Wij mochten met de voorzitter mee terugrijden naar Heemstede en vertoefden nog een wijle in de ontvangstruimte van Volendam, waar de bestuurders van beide clubs de wedstrijd nabespraken. Paul ontwikkelde nog een charmeoffensief naar de dames die met de schalen lekkers rondgingen. “Wat heeft u een mooie jurk aan, die staat u prachtig” of “U verwent ons wel met al dat lekkers”. De dames namen de complimenten met een verlegen glimlach in ontvangst.

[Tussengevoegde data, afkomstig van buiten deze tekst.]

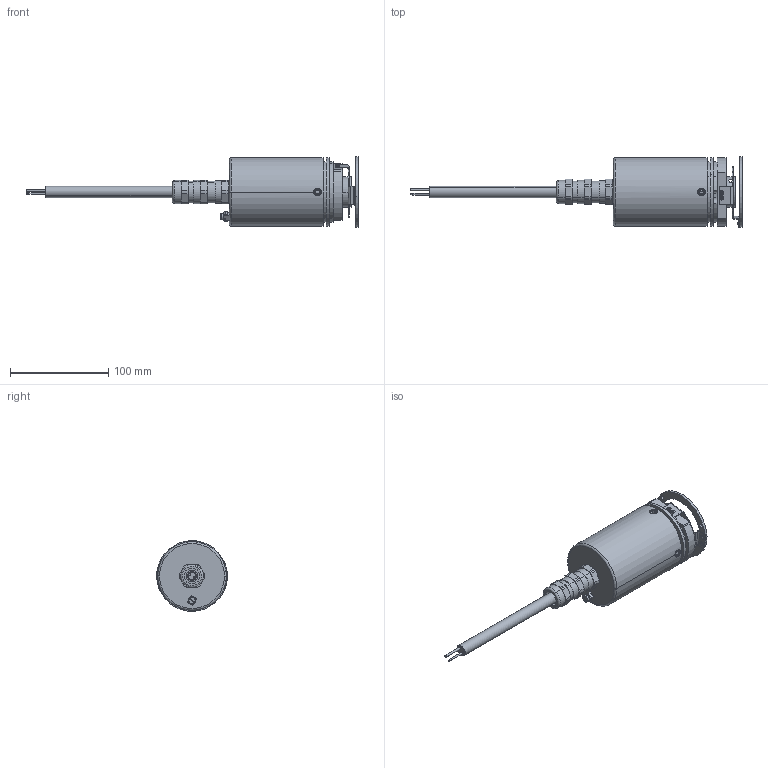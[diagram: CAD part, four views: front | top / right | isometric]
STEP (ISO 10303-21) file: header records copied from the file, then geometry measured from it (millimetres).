
FILE_DESCRIPTION (( 'STEP AP214' ), '1' );
FILE_NAME ('8.7020.52x1.xxxx.STEP', '2015-04-27T05:35:54', ( 'admin' ), ( 'Microsoft' ), 'SwSTEP 2.0', 'SolidWorks 2013', '' );
FILE_SCHEMA (( 'AUTOMOTIVE_DESIGN' ));
Length unit declared in the file: millimetre
Products named in the file (1): 8.7020.52x1.xxxx
Bounding box: 338.1 x 71.93 x 71.93 mm (x, y, z)
Surface area: 64848.4 mm2 (no closed solid volume)
Topology: 0 solids, 36 shells, 385 faces, 1141 edges, 792 vertices
Faces by surface type: cylinder 174, plane 146, cone 40, torus 21, sphere 4
Entity records: 17922 total; most frequent: CARTESIAN_POINT 3173, DIRECTION 2326, ORIENTED_EDGE 1913, EDGE_CURVE 1141, AXIS2_PLACEMENT_3D 887, VERTEX_POINT 792, VECTOR 552, LINE 552
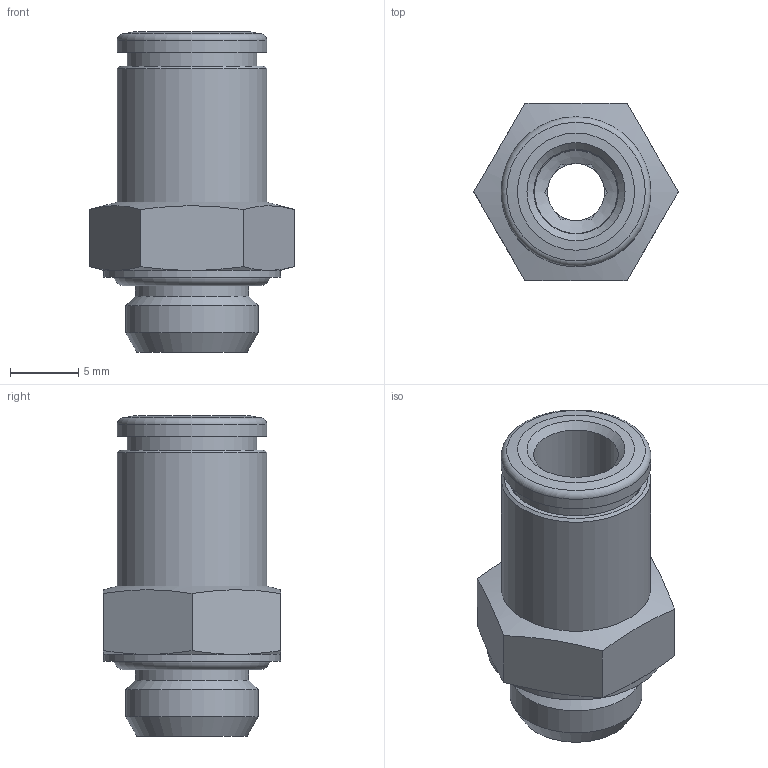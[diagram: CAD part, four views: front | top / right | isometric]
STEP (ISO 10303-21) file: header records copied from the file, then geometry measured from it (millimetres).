
FILE_DESCRIPTION(/* description */ (''),/* implementation_level */ '2;1');
FILE_NAME(/* name */ '200107-ES_STX01_6_G18_28.04.16',/* time_stamp */ '2016-04-28T11:14:15+02:00',/* author */ (''),/* organization */ (''),/* preprocessor_version */ 'ST-DEVELOPER v14',/* originating_system */ 'HiCAD 2013 1802.4 Build 509',/* authorisation */ '');
FILE_SCHEMA (('AUTOMOTIVE_DESIGN { 1 0 10303 214 1 1 1 1 }'));
Length unit declared in the file: millimetre
Products named in the file (4): Root; 001_000X; R200107-ES-i1; DR6-1_NEU
Assembly tree (3 placements, depth 2):
  Root
    001_000X
    R200107-ES-i1
    DR6-1_NEU
Bounding box: 15.01 x 13 x 23.5 mm (x, y, z)
Volume: 1540.2 mm3; surface area: 2187 mm2
Topology: 3 solids, 3 shells, 67 faces, 154 edges, 95 vertices
Faces by surface type: plane 32, cone 19, cylinder 12, torus 4
Full cylindrical faces by diameter (mm): 4.2 x1, 6.1 x1, 6.2 x1, 8.3 x2, 9 x1, 9.5 x1, 9.6 x1, 9.728 x1, 11 x2, 13 x1
Entity records: 3027 total; most frequent: DIRECTION 346, CARTESIAN_POINT 279, PRESENTATION_STYLE_ASSIGNMENT 247, OVER_RIDING_STYLED_ITEM 244, COLOUR_RGB 240, DRAUGHTING_PRE_DEFINED_CURVE_FONT 236, CURVE_STYLE 236, ORIENTED_EDGE 236
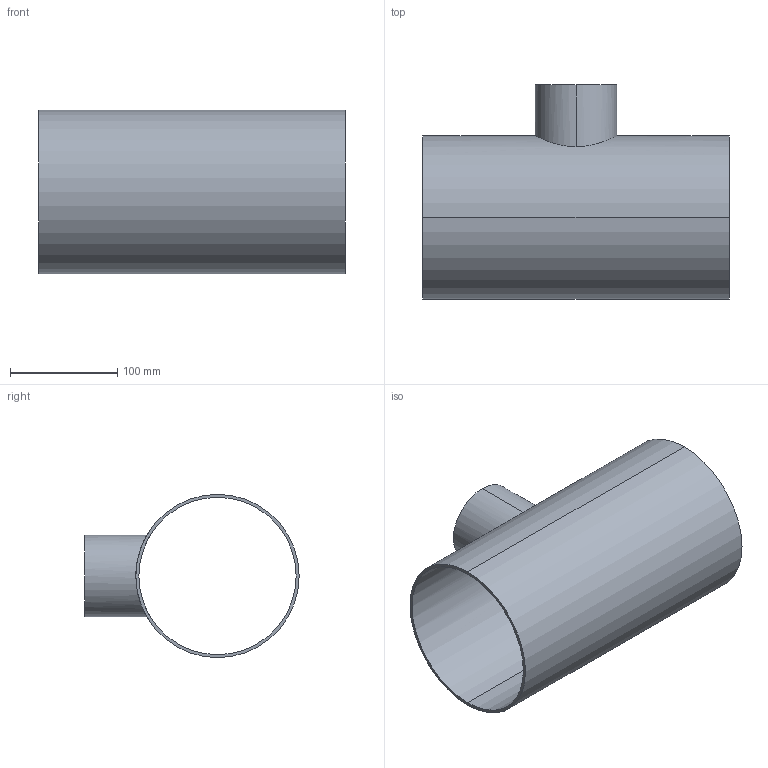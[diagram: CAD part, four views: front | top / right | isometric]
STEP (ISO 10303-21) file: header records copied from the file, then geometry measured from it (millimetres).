
FILE_DESCRIPTION (( 'STEP AP214' ), '1' );
FILE_NAME ('TE7RWWW6L6.0x3.0-...STEP', '2016-05-24T04:36:14', ( 'eran' ), ( '' ), 'SwSTEP 2.0', 'SolidWorks 2016', '' );
FILE_SCHEMA (( 'AUTOMOTIVE_DESIGN' ));
Length unit declared in the file: millimetre
Products named in the file (1): TE7RWWW6L6.0x3.0-..
Bounding box: 285.8 x 200 x 152.4 mm (x, y, z)
Volume: 380448.7 mm3; surface area: 287872 mm2
Topology: 1 solids, 1 shells, 11 faces, 24 edges, 16 vertices
Faces by surface type: cylinder 8, plane 3
Entity records: 624 total; most frequent: CARTESIAN_POINT 332, DIRECTION 56, ORIENTED_EDGE 48, AXIS2_PLACEMENT_3D 24, EDGE_CURVE 24, VERTEX_POINT 16, EDGE_LOOP 16, CIRCLE 12

Op de terugweg werden wij bijgepraat door de voorzitter over de stand van zaken met betrekking tot de nieuwbouw. Hij was vol enthousiasme en kon eigenlijk niet wachten op de start van de bouw, maar er moesten nog een paar kleine hobbels worden genomen. Iedereen die aan het project werkte kreeg een grote pluim van de voorzitter. Hij was bijzonder trots dat dat allemaal binnen de club en in harmonie door eigen leden voor elkaar werd gemaakt. De terugreis was in drie kwartier voltooid, Paul voor de deur thuis afgezet en ik bij het station om mijn fiets uit de stalling te halen. Ondanks een teleurstellend gelijkspel was het toch een dag die meer dan de moeite waard was geweest. Ik bleef alleen met de vraag zitten en ik moet het eens aan Gertjan vragen. ‘Wat is nu de juiste manier om tegen 10 man te spelen en succesvol te zijn’. Hij weet natuurlijk hoe dat moet!